Kaum aus den Klauen einer Jahrhundertpandemie entkommen, sind wir mit der Rückkehr des Kriegs auf europäischen Boden konfrontiert und die sich vor unseren Augen abspielende Klimakrise stellt uns vor bisher unbekannte Zielkonflikte. Diesen Situationen ist Unbestimmtheit, Mehrdeutigkeit und Nichtstationarität gemein, weshalb Entscheidungen nicht oder nicht nur auf der Basis von algorithmisch-quantitativen Modellen getroffen werden können. Wenn Mathematik allein nicht ausreicht, was macht dann eine gute Entscheidung aus? Und wie entscheiden eigentlich Menschen aus Fleisch und Blut?
Um diesen beiden Fragen auf den Grund zu gehen, werden wir uns sowohl mit den Ursprüngen und der Geschichte der Entscheidungstheorie als auch mit neueren Befunden aus Psychologie und Neurowissenschaften auseinandersetzen. Die verschiedenen Perspektiven sollen eine kritische Reflexion etablierter Denkmuster und Menschenbilder ermöglichen. Diese Diskussion ist keine rein akademische, sondern hat Konsequenzen für Politik und Gesellschaft: Wenn wir von Natur aus systematisch irrational denken und handeln, lassen sich damit potenziell tiefgreifende Eingriffe in unser Leben rechtfertigen. Die Lesegruppe soll aber auch einen individuellen Mehrwert bieten: Indem wir unsere Köpfe zusammenstecken, schaffen wir es vielleicht, einige der ca. 35’000 Entscheidungen, die wir täglich treffen, zu verbessern.

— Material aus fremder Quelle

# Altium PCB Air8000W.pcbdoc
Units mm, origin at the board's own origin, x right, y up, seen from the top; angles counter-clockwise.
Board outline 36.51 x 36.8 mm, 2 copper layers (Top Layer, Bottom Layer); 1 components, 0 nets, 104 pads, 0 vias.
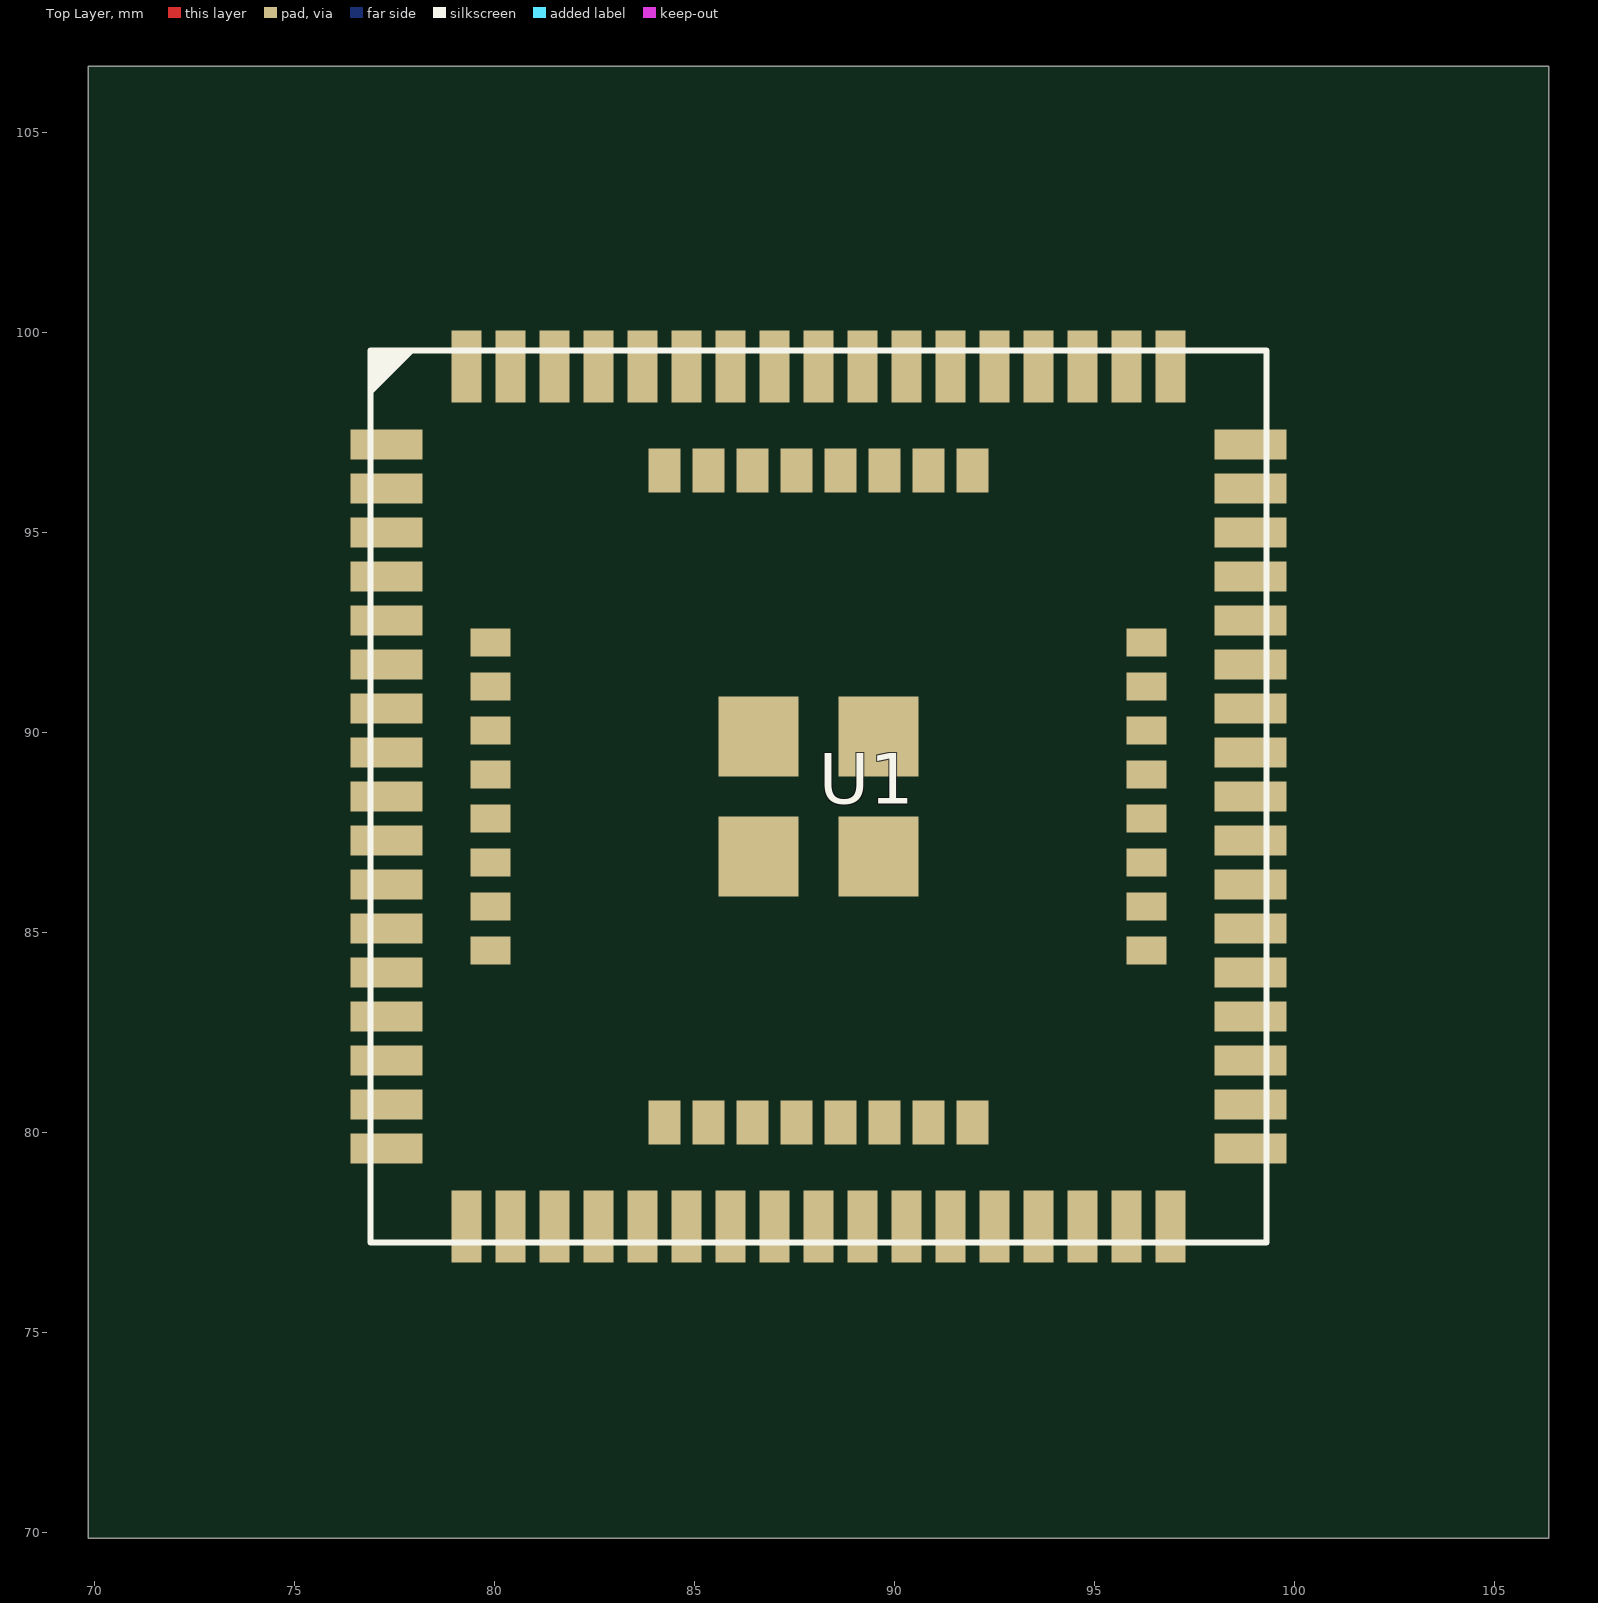
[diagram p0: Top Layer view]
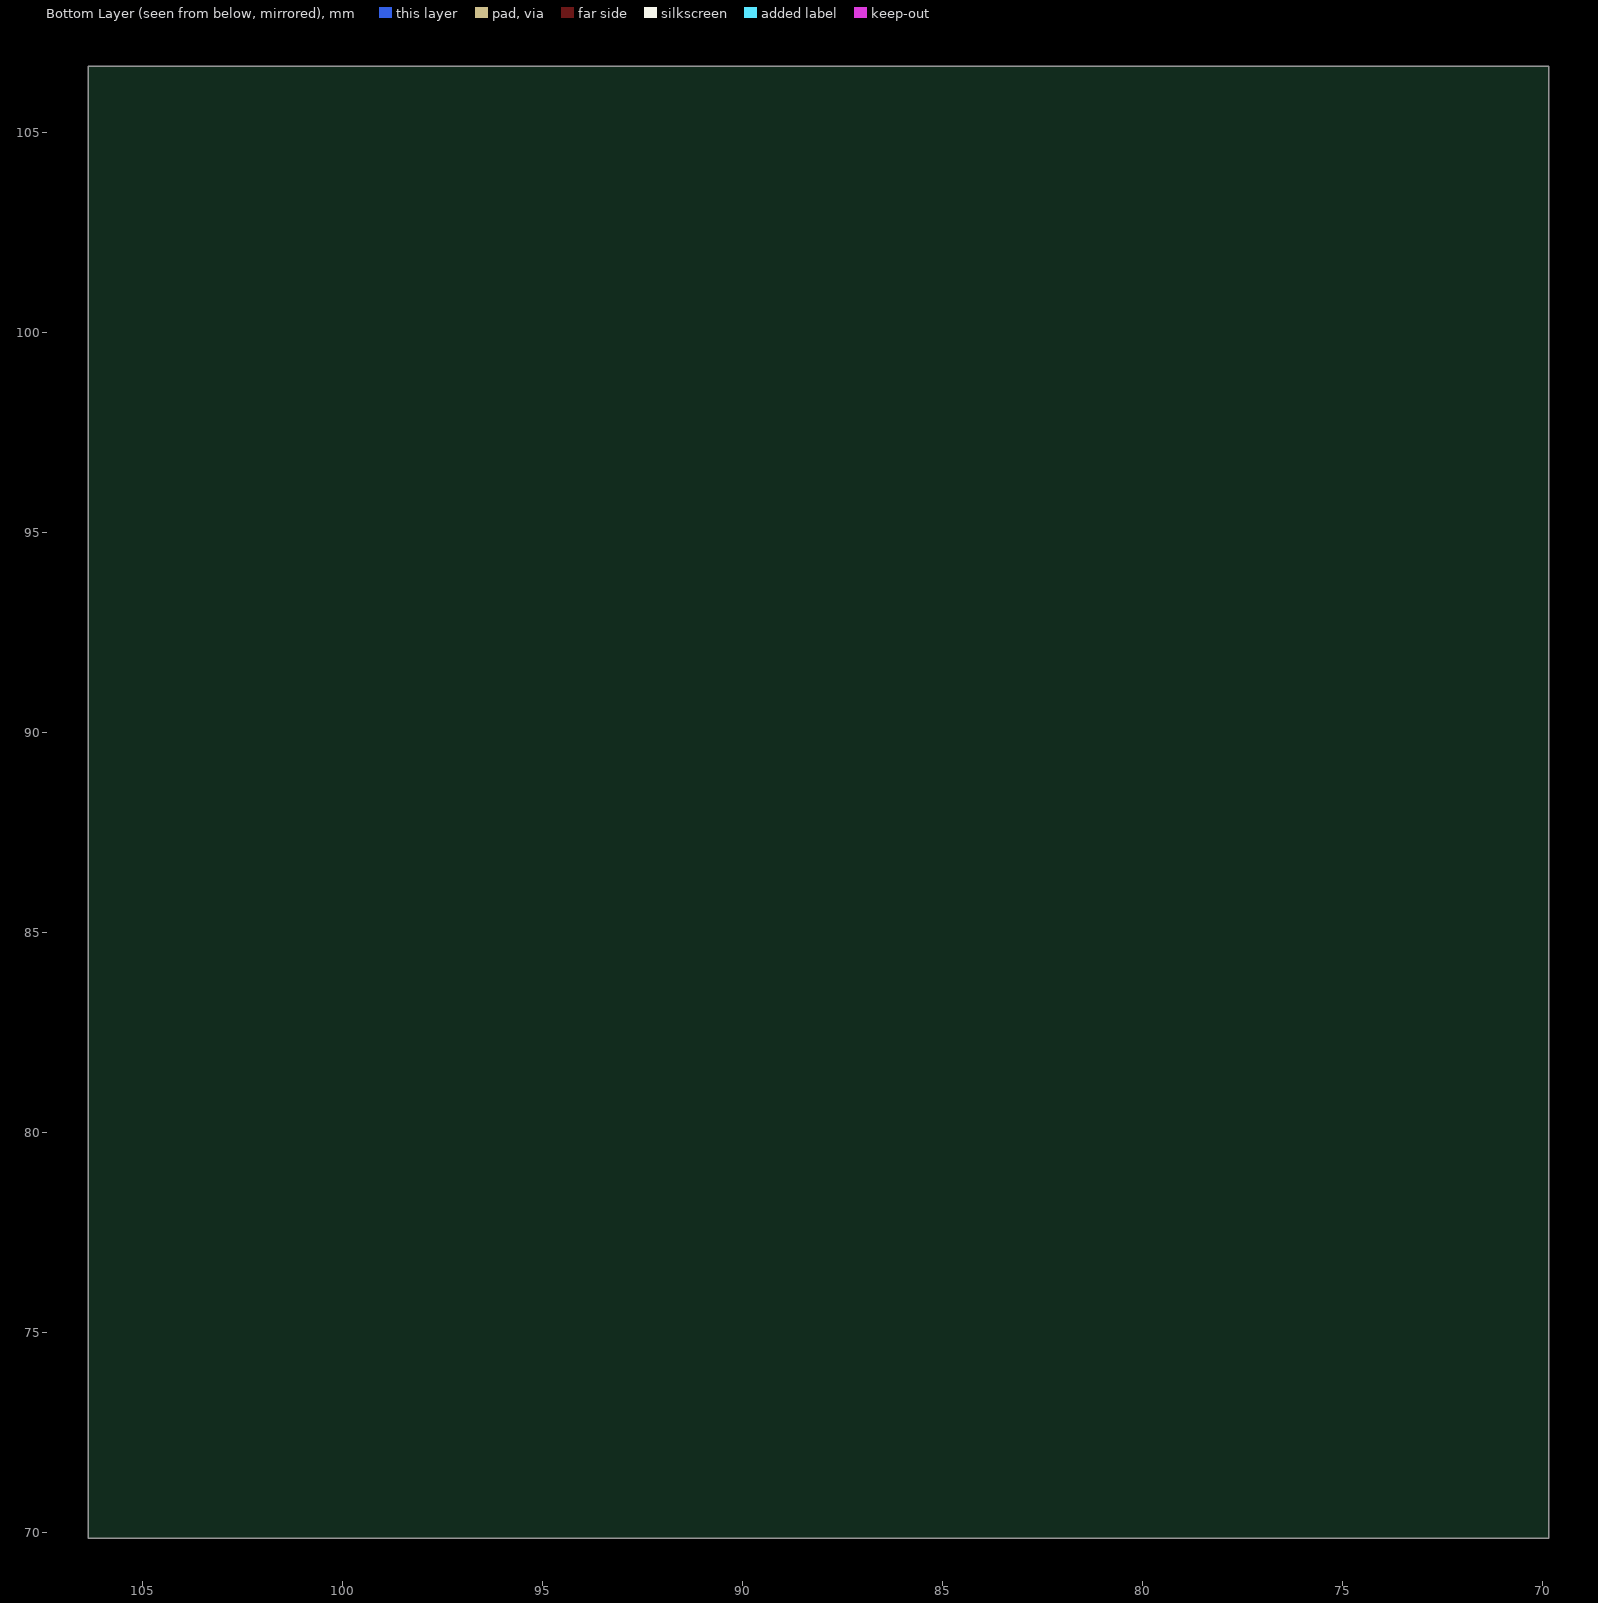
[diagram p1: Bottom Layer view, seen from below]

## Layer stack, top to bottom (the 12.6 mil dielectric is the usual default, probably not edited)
Top Layer: signal copper (thickness not stored)
Dielectric: dielectric 0.32, FR-4, Dk 4.8
Bottom Layer: signal copper (thickness not stored)

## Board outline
106.357,69.85 69.85,69.85 69.85,106.65 106.357,106.65

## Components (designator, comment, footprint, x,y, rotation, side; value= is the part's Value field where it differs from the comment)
U1 "AIR8000-PADS" AIR8000-PADS 88.106,88.401 r0 top

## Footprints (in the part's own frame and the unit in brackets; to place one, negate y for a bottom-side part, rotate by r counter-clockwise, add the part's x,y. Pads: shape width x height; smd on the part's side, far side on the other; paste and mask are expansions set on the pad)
AIR8000-PADS [mm]
  rect 1.8x0.75 smd: 1(-10.8,8.8) 2(-10.8,7.7) 3(-10.8,6.6) 4(-10.8,5.5) 5(-10.8,4.4) 6(-10.8,3.3) 7(-10.8,2.2) 8(-10.8,1.1) 9(-10.8,0) 10(-10.8,-1.1) 11(-10.8,-2.2) 12(-10.8,-3.3) 13(-10.8,-4.4) 14(-10.8,-5.5) 15(-10.8,-6.6) 16(-10.8,-7.7) 17(-10.8,-8.8) 35(10.8,-8.8) 36(10.8,-7.7) 37(10.8,-6.6) 38(10.8,-5.5) 39(10.8,-4.4) 40(10.8,-3.3) 41(10.8,-2.2) 42(10.8,-1.1) 43(10.8,0) 44(10.8,1.1) 45(10.8,2.2) 46(10.8,3.3) 47(10.8,4.4) 48(10.8,5.5) 49(10.8,6.6) 50(10.8,7.7) 51(10.8,8.8)
  rect 0.75x1.8 smd: 18(-8.8,-10.75) 19(-7.7,-10.75) 20(-6.6,-10.75) 21(-5.5,-10.75) 22(-4.4,-10.75) 23(-3.3,-10.75) 24(-2.2,-10.75) 25(-1.1,-10.75) 26(0,-10.75) 27(1.1,-10.75) 28(2.2,-10.75) 29(3.3,-10.75) 30(4.4,-10.75) 31(5.5,-10.75) 32(6.6,-10.75) 33(7.7,-10.75) 34(8.8,-10.75) 52(8.8,10.75) 53(7.7,10.75) 54(6.6,10.75) 55(5.5,10.75) 56(4.4,10.75) 57(3.3,10.75) 58(2.2,10.75) 59(1.1,10.75) 60(0,10.75) 61(-1.1,10.75) 62(-2.2,10.75) 63(-3.3,10.75) 64(-4.4,10.75) 65(-5.5,10.75) 66(-6.6,10.75) 67(-7.7,10.75) 68(-8.8,10.75)
  rect 1x0.7 smd: 69(-8.2,3.85) 70(-8.2,2.75) 71(-8.2,1.65) 72(-8.2,0.55) 73(-8.2,-0.55) 74(-8.2,-1.65) 75(-8.2,-2.75) 76(-8.2,-3.85) 85(8.2,-3.85) 86(8.2,-2.75) 87(8.2,-1.65) 88(8.2,-0.55) 89(8.2,0.55) 90(8.2,1.65) 91(8.2,2.75) 92(8.2,3.85)
  rect 0.8x1.1 smd: 77(-3.85,-8.15) 78(-2.75,-8.15) 79(-1.65,-8.15) 80(-0.55,-8.15) 81(0.55,-8.15) 82(1.65,-8.15) 83(2.75,-8.15) 84(3.85,-8.15) 93(3.85,8.15) 94(2.75,8.15) 95(1.65,8.15) 96(0.55,8.15) 97(-0.55,8.15) 98(-1.65,8.15) 99(-2.75,8.15) 100(-3.85,8.15)
  rect 2x2 smd: 101(-1.5,1.5) 102(-1.5,-1.5) 103(1.5,-1.5) 104(1.5,1.5)
  silkscreen extent -11.22,-11.15 11.2,11.15

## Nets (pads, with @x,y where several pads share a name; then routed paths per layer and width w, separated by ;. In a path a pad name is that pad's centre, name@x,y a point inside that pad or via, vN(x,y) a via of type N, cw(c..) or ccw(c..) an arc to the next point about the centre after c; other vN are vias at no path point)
pads on no net: U1.1 U1.2 U1.3 U1.4 U1.5 U1.6 U1.7 U1.8 U1.9 U1.10 U1.11 U1.12 U1.13 U1.14 U1.15 U1.16 U1.17 U1.18 U1.19 U1.20 U1.21 U1.22 U1.23 U1.24 U1.25 U1.26 U1.27 U1.28 U1.29 U1.30 U1.31 U1.32 U1.33 U1.34 U1.35 U1.36 U1.37 U1.38 U1.39 U1.40 U1.41 U1.42 U1.43 U1.44 U1.45 U1.46 U1.47 U1.48 U1.49 U1.50 U1.51 U1.52 U1.53 U1.54 U1.55 U1.56 U1.57 U1.58 U1.59 U1.60 U1.61 U1.62 U1.63 U1.64 U1.65 U1.66 U1.67 U1.68 U1.69 U1.70 U1.71 U1.72 U1.73 U1.74 U1.75 U1.76 U1.77 U1.78 U1.79 U1.80 U1.81 U1.82 U1.83 U1.84 U1.85 U1.86 U1.87 U1.88 U1.89 U1.90 U1.91 U1.92 U1.93 U1.94 U1.95 U1.96 U1.97 U1.98 U1.99 U1.100 U1.101 U1.102 U1.103 U1.104

Vorgeschlagene und vorübergehende Themengebiete und Literatur
Einführung in das Thema
Taleb, N.T. (2007). The black swan: The impact of the highly improbable. Random House. (Prologue).
Entscheidungen unter Risiko
Pinker, S. (2021). Rationality: What it is, why it seems scarce, why it matters. Viking. (Chapter 6).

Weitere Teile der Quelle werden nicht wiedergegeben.